Thursday, March 23, 2006
How Web Sites Are Indexed
bySo you’ve just launched the new Web site that your team worked on for months and you do a quick Google search for a few of your keywords and you’re nowhere to be seen. How can this be? You did everything right. You researched SEO and carefully selected keywords and optimized your copy. Your pages validate. You even have a blog as part of you site. What went wrong? The answer is that you’ve done nothing wrong. Other than a common misconception many people make by thinking that search engines magically know everything about their site the moment it goes live. It’s an understandable misconception, after all most search engines aren’t exactly open about how their magic formulas work.
So, using Google as an example I’m going to try explaining how Web pages are indexed.
Google needs to know your site exists
In order to be indexed, Google and other search engines need to know you have a Web page. Your site should be submitted using the form on Google for adding URLs to be indexed.
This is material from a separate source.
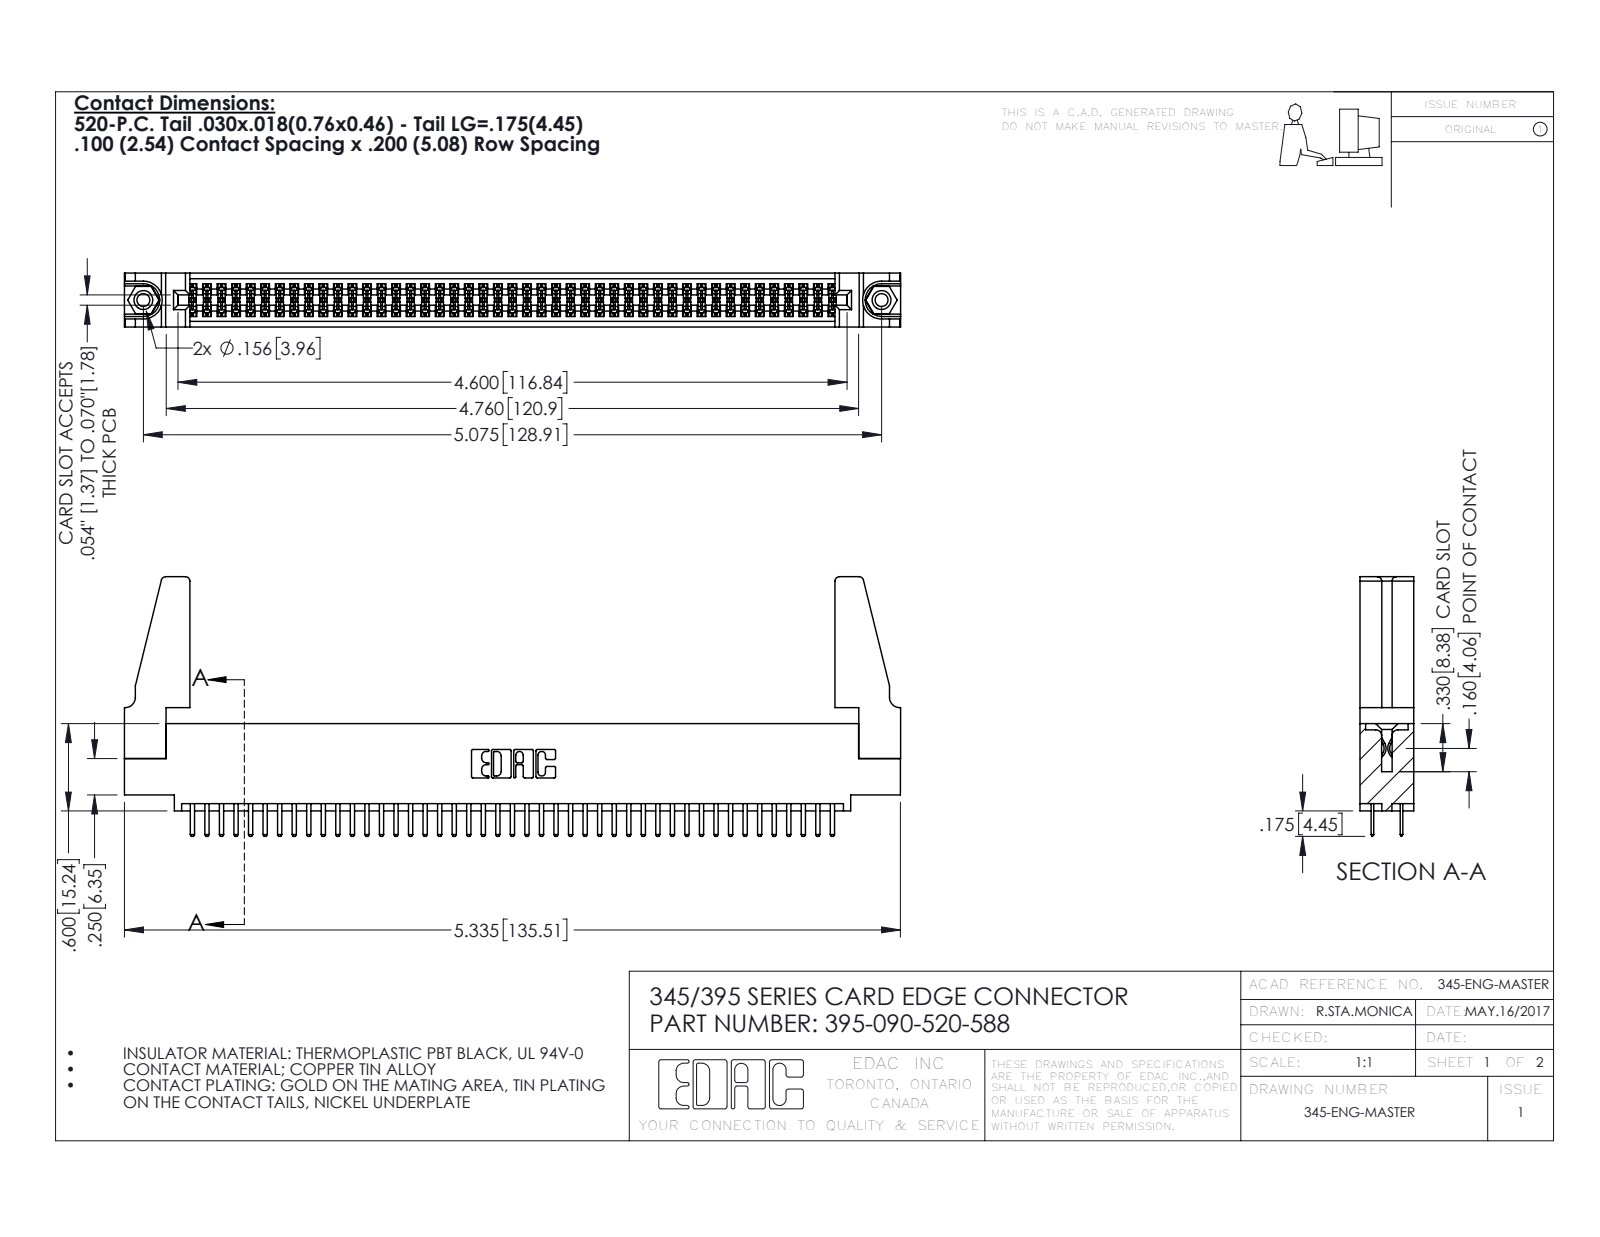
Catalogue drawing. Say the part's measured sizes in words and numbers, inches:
The part is named "345-220-078_345-220-088; 395-090-520-588; 345-292-001_345-293-120; 345-250-001_345-250-001-102 (+1 more)". Its 3-D file was written by "SolidWorks 2016 (CONFIG_CONTROL_DESIGN)". It is 95 solids with 5114 faces: 3306 planar, 1792 cylindrical and 16 other. Overall it measures 5.336 by 1.785 by 0.37 inches. Its volume is 0.997 cubic inches and its surface area 34.91 square inches. Round holes: 2 of diameter 0.089, 2 of diameter 0.125, 2 of diameter 0.156, 1 of diameter 0.064. Round bosses or shafts: 2 of diameter 0.155. Partial cylindrical surfaces (rounded edges, fillets, slot ends): 135 of radius 0.006, 94 of radius 0.01, 22 of radius 0.01, 8 of radius 0.03, 6 of radius 0.007, 6 of radius 0.031, 3 of radius 0.026, 2 of radius 0.014. The main face-to-face distances are 0.072, 0.298, 0.37, 0.2, 0.098, 0.272, 0.025, 0.225, 0.022, 0.072. The hole center spacings are 0.27, 4.839, 5.075.

If other pages link to your site, Google should find it on its own the next time it indexes those pages with links to your page. Your page is added to the queue and will be indexed as soon as possible.
The Googlebot visits your page
Once your site gets to the top of the queue, the Googlebot will grab all the text from your page, along with any links. It then adds the links to the queue and will come back to index those pages as well. As long as all your pages are linked, you only need to submit your base URL to Google for indexing. It will find the rest of the pages on its own.
Your page gets indexed
The Googlebot gives the indexer the text it grabbed from your site and is added to the index database. The indexer makes note of the words in your text and remembers where in the document they are. This information will be used later when people enter keywords to search for.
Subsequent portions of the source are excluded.